A man looks for usable items in a dumpsite on the outskirts of Tegucigalpa, April 17, 2015. | Reuters/Jorge Cabrera.

Latin America fared worst, accounting for nearly three quarters of the murders – with 29 deaths reported in Brazil, 25 in Colombia and 12 in Honduras.

“Historically there has been very unequal land distribution in Latin America which has caused conflict between local and foreign companies and communities,” Billy Kyte, campaigner at Global Witness, told the Thomson Reuters Foundation.

“Governments in Latin America are by no means taking this problem seriously. Impunity levels are also very high so perpetrators of crime get away with it,” he said.
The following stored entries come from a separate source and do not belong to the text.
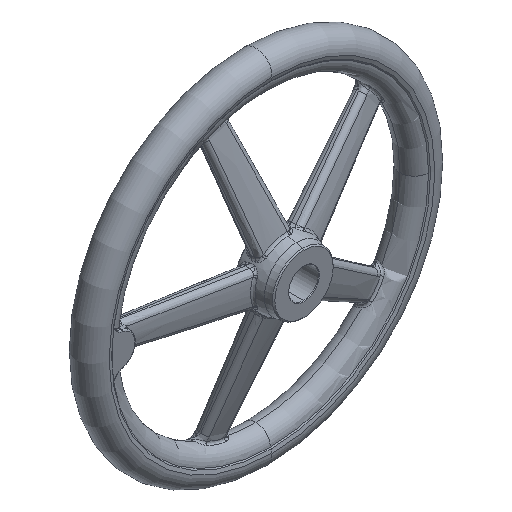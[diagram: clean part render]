
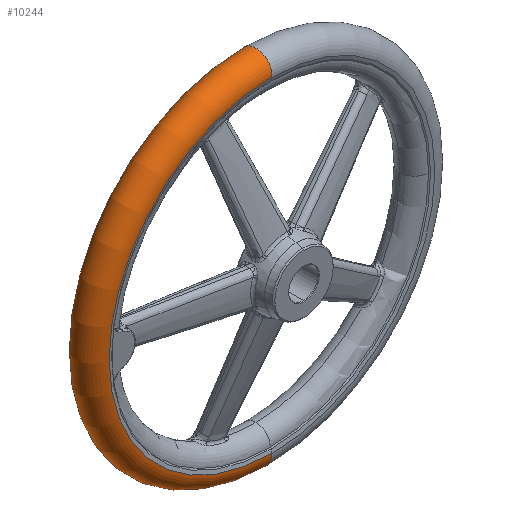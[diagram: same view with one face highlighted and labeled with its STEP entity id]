
A CAD part, isometric view. The second image highlights one B-rep face of the part: STEP entity #10244.
In plain terms, the highlighted toroidal (fillet/blend) face has major radius 143.462 mm and minor radius 14.039 mm.
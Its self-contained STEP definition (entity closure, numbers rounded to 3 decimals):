
#2534 = CARTESIAN_POINT ( 'NONE',  ( 0., 28., -142.423 ) ) ;
#8902 = DIRECTION ( 'NONE',  ( 0., 0., 1. ) ) ;
#8903 = DIRECTION ( 'NONE',  ( -1., 0., 0. ) ) ;
#8904 = CARTESIAN_POINT ( 'NONE',  ( 0., 42., -143.462 ) ) ;
#8905 = AXIS2_PLACEMENT_3D ( 'NONE', #8904, #8903, #8902 ) ;
#8906 = CIRCLE ( 'NONE', #8905, 14.038 ) ;
#10174 = ORIENTED_EDGE ( 'NONE', *, *, #41311, .F. ) ;
#10178 = ORIENTED_EDGE ( 'NONE', *, *, #29435, .T. ) ;
#10195 = EDGE_LOOP ( 'NONE', ( #10247, #10178, #10249, #10174 ) ) ;
#10244 = ADVANCED_FACE ( 'NONE', ( #19278 ), #19243, .T. ) ;
#10247 = ORIENTED_EDGE ( 'NONE', *, *, #41241, .F. ) ;
#10249 = ORIENTED_EDGE ( 'NONE', *, *, #53229, .T. ) ;
#19236 = AXIS2_PLACEMENT_3D ( 'NONE', #19274, #19273, #19272 ) ;
#19243 = TOROIDAL_SURFACE ( 'NONE', #19236, 143.462, 14.038 ) ;
#19272 = DIRECTION ( 'NONE',  ( 0., 0., -1. ) ) ;
#19273 = DIRECTION ( 'NONE',  ( 0., -1., 0. ) ) ;
#19274 = CARTESIAN_POINT ( 'NONE',  ( 0., 42., 0. ) ) ;
#19278 = FACE_OUTER_BOUND ( 'NONE', #10195, .T. ) ;
#29297 = VERTEX_POINT ( 'NONE', #32038 ) ;
#29435 = EDGE_CURVE ( 'NONE', #29297, #29531, #32628, .T. ) ;
#29531 = VERTEX_POINT ( 'NONE', #32812 ) ;
#32038 = CARTESIAN_POINT ( 'NONE',  ( 0., 56., 142.423 ) ) ;
#32628 = CIRCLE ( 'NONE', #32749, 142.423 ) ;
#32739 = DIRECTION ( 'NONE',  ( 0., 0., -1. ) ) ;
#32740 = DIRECTION ( 'NONE',  ( 0., -1., 0. ) ) ;
#32747 = CARTESIAN_POINT ( 'NONE',  ( 0., 56., 0. ) ) ;
#32749 = AXIS2_PLACEMENT_3D ( 'NONE', #32747, #32740, #32739 ) ;
#32812 = CARTESIAN_POINT ( 'NONE',  ( 0., 56., -142.423 ) ) ;
#41241 = EDGE_CURVE ( 'NONE', #29297, #41322, #51152, .T. ) ;
#41311 = EDGE_CURVE ( 'NONE', #41322, #49633, #51314, .T. ) ;
#41322 = VERTEX_POINT ( 'NONE', #51299 ) ;
#49633 = VERTEX_POINT ( 'NONE', #2534 ) ;
#51142 = AXIS2_PLACEMENT_3D ( 'NONE', #51197, #51257, #51252 ) ;
#51152 = CIRCLE ( 'NONE', #51142, 14.038 ) ;
#51197 = CARTESIAN_POINT ( 'NONE',  ( 0., 42., 143.462 ) ) ;
#51252 = DIRECTION ( 'NONE',  ( 0., 0., -1. ) ) ;
#51257 = DIRECTION ( 'NONE',  ( 1., 0., 0. ) ) ;
#51287 = DIRECTION ( 'NONE',  ( 0., 0., -1. ) ) ;
#51288 = DIRECTION ( 'NONE',  ( 0., -1., 0. ) ) ;
#51298 = CARTESIAN_POINT ( 'NONE',  ( 0., 28., 0. ) ) ;
#51299 = CARTESIAN_POINT ( 'NONE',  ( 0., 28., 142.423 ) ) ;
#51307 = AXIS2_PLACEMENT_3D ( 'NONE', #51298, #51288, #51287 ) ;
#51314 = CIRCLE ( 'NONE', #51307, 142.423 ) ;
#53229 = EDGE_CURVE ( 'NONE', #29531, #49633, #8906, .T. ) ;

The report found 40 percent of environmental defenders killed last year were indigenous people caught on the frontline as they tried to defend land and water sources from companies in an escalating scramble for natural resources and land.

“Many indigenous groups lack clear land titles to their land and suffer land grabs by powerful business interests,” the report said.

Honduran activist, Martin Fernandez, said he was forced to flee for safety to Brazil for three months in 2012 after he received telephone death threats and was followed by cars with black tinted windows near his work and home.

“We live in fear, in fear of constant attack. I and many colleagues have had to live in exile,” Fernandez, head of the Movement for Dignity and Justice, a Honduran land rights group, told the Thomson Reuters Foundation in a telephone interview.

He said Honduran and foreign companies were exploiting indigenous lands and clearing forests, particularly in the northern Yoro province where the Tolupan indigenous group live, to make way for dam construction and mining projects.

In its report, Global Witness said the Honduran government hoped to attract $4 billion in mining investments and recently freed up 250,000 hectares of land for new mining projects.

With the world’s highest murder rate, Honduras is struggling to contain drug-fuelled gang violence and organized crime. The government did not respond to requests for comment on the Global Witness report.

Heightened dangers faced by environmental activists in Honduras are likely to be raised next month at the Geneva-based United Nations Human Rights Council when the country’s rights record comes under review.